(Data section)

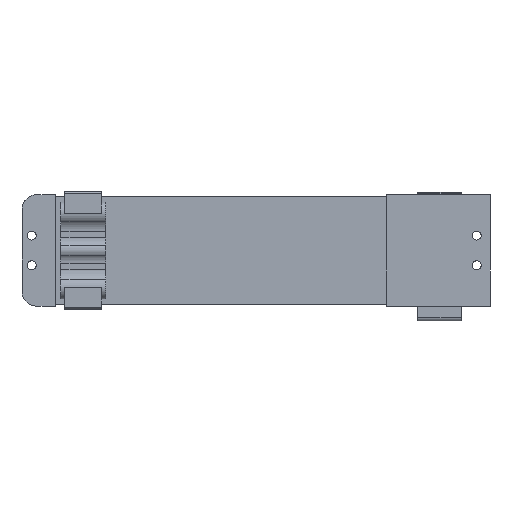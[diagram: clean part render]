
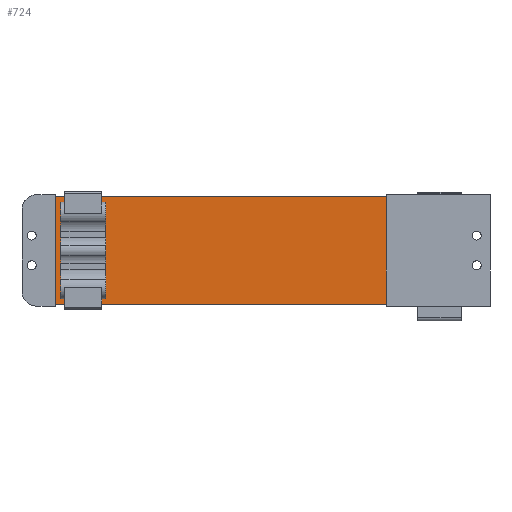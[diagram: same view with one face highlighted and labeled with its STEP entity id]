
A CAD part, front view. The second image highlights one B-rep face of the part: STEP entity #724.
In plain terms, the highlighted planar face has unit normal (0, -1, 0).
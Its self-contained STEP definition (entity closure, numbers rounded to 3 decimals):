
#724 = ADVANCED_FACE( '', ( #1426 ), #1427, .F. );
#1426 = FACE_OUTER_BOUND( '', #2092, .T. );
#1427 = PLANE( '', #2093 );
#2092 = EDGE_LOOP( '', ( #3984, #3985, #3986, #3987 ) );
#2093 = AXIS2_PLACEMENT_3D( '', #3988, #3989, #3990 );
#3984 = ORIENTED_EDGE( '', *, *, #4663, .T. );
#3985 = ORIENTED_EDGE( '', *, *, #4406, .F. );
#3986 = ORIENTED_EDGE( '', *, *, #4544, .F. );
#3987 = ORIENTED_EDGE( '', *, *, #4740, .T. );
#3988 = CARTESIAN_POINT( '', ( 454.25, 11.8, 73. ) );
#3989 = DIRECTION( '', ( 0., 1., 0. ) );
#3990 = DIRECTION( '', ( 0., 0., 1. ) );
#4406 = EDGE_CURVE( '', #5425, #5423, #5427, .T. );
#4544 = EDGE_CURVE( '', #5627, #5425, #5629, .T. );
#4663 = EDGE_CURVE( '', #5778, #5423, #5779, .T. );
#4740 = EDGE_CURVE( '', #5627, #5778, #5862, .T. );
#5423 = VERTEX_POINT( '', #7055 );
#5425 = VERTEX_POINT( '', #7058 );
#5427 = LINE( '', #7061, #7062 );
#5627 = VERTEX_POINT( '', #7536 );
#5629 = LINE( '', #7539, #7540 );
#5778 = VERTEX_POINT( '', #7769 );
#5779 = LINE( '', #7770, #7771 );
#5862 = LINE( '', #7892, #7893 );
#7055 = CARTESIAN_POINT( '', ( 0., 11.8, -73. ) );
#7058 = CARTESIAN_POINT( '', ( 454.25, 11.8, -73. ) );
#7061 = CARTESIAN_POINT( '', ( 454.25, 11.8, -73. ) );
#7062 = VECTOR( '', #8459, 1000. );
#7536 = CARTESIAN_POINT( '', ( 454.25, 11.8, 73. ) );
#7539 = CARTESIAN_POINT( '', ( 454.25, 11.8, 73. ) );
#7540 = VECTOR( '', #8628, 1000. );
#7769 = CARTESIAN_POINT( '', ( 0., 11.8, 73. ) );
#7770 = CARTESIAN_POINT( '', ( 0., 11.8, 73. ) );
#7771 = VECTOR( '', #8767, 1000. );
#7892 = CARTESIAN_POINT( '', ( 454.25, 11.8, 73. ) );
#7893 = VECTOR( '', #8819, 1000. );
#8459 = DIRECTION( '', ( -1., 0., 0. ) );
#8628 = DIRECTION( '', ( 0., 0., -1. ) );
#8767 = DIRECTION( '', ( 0., 0., -1. ) );
#8819 = DIRECTION( '', ( -1., 0., 0. ) );

(End Data section)

§ The task
Each line from the beginning of the entries up to and including the one containing "#3984 = ORIENTED_EDGE( '', *, *, #4663, .T." must be restated exactly. Pictures are to be left out.

§ Problem solution
[diagram: clean part render]
[diagram: same view with one face highlighted and labeled with its STEP entity id]
A CAD part, front view. The second image highlights one B-rep face of the part: STEP entity #724.
In plain terms, the highlighted planar face has unit normal (0, -1, 0).
Its self-contained STEP definition (entity closure, numbers rounded to 3 decimals):
#724 = ADVANCED_FACE( '', ( #1426 ), #1427, .F. );
#1426 = FACE_OUTER_BOUND( '', #2092, .T. );
#1427 = PLANE( '', #2093 );
#2092 = EDGE_LOOP( '', ( #3984, #3985, #3986, #3987 ) );
#2093 = AXIS2_PLACEMENT_3D( '', #3988, #3989, #3990 );
#3984 = ORIENTED_EDGE( '', *, *, #4663, .T. );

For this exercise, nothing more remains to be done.